Forster was a core member of the group from before its inception, having been a member of its precursor—a secret intellectual society at Cambridge known as the Apostles. However, similar to how Lucy needed to go away to take charge of her life, leaving England and his friends was when Forster began to develop his style as a novelist. In the year after he graduated from Cambridge, he travelled through Italy with his mother. Although it took him years to write the novel, he already began to conceive of this novel while on his trip, modeling several of its characters off of British tourists he encountered during his travels. In the novel that came of the notes from this trip, Forster reveals his interest in satirizing British society while remaining sympathetic to individual characters. His background made it possible for him to simultaneously conform to and find fault with the world he lived in—all while imagining something new. This can be discerned in his style as a novelist; it was both necessary for Forster to be a member of the class of people he sought to ridicule and to be able to see them from the outside.

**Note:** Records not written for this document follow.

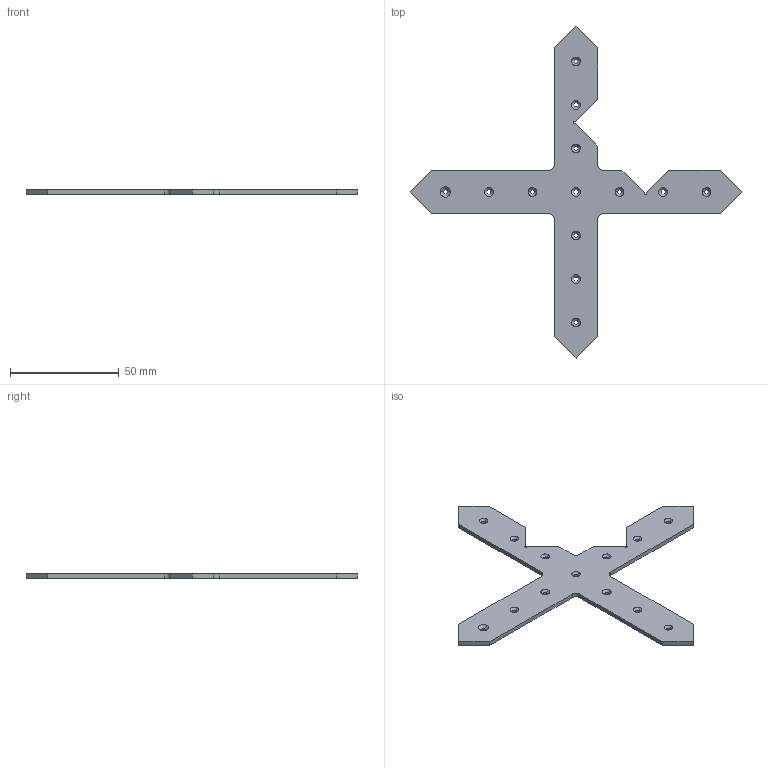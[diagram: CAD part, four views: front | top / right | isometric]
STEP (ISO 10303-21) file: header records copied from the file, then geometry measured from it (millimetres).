
FILE_DESCRIPTION (( 'STEP AP214' ), '1' );
FILE_NAME ('SC38.STEP', '2016-02-27T09:37:20', ( '' ), ( '' ), 'SwSTEP 2.0', 'SolidWorks 2012', '' );
FILE_SCHEMA (( 'AUTOMOTIVE_DESIGN' ));
Length unit declared in the file: millimetre
Products named in the file (1): SC38
Bounding box: 152.5 x 152.5 x 2 mm (x, y, z)
Volume: 10008.8 mm3; surface area: 11358.9 mm2
Topology: 1 solids, 1 shells, 84 faces, 220 edges, 138 vertices
Faces by surface type: cylinder 34, cone 26, plane 24
Entity records: 2676 total; most frequent: DIRECTION 484, CARTESIAN_POINT 443, ORIENTED_EDGE 440, EDGE_CURVE 220, AXIS2_PLACEMENT_3D 179, VERTEX_POINT 138, LINE 126, VECTOR 126

His language and storytelling are witty and playful. Throughout the novel, he makes frequent references and citations, revealing that he was a well-read man who saw connections between poetry, literature, philosophy, and the world. Although he was clearly well-educated and smart, his style nonetheless remains unpretentious and welcoming to the reader. Forster's style is also very poetic: A Room with a View contains a great amount of beautiful imagery, as well as a substantial mix of humorous and touching similes, metaphors, and instances of personification.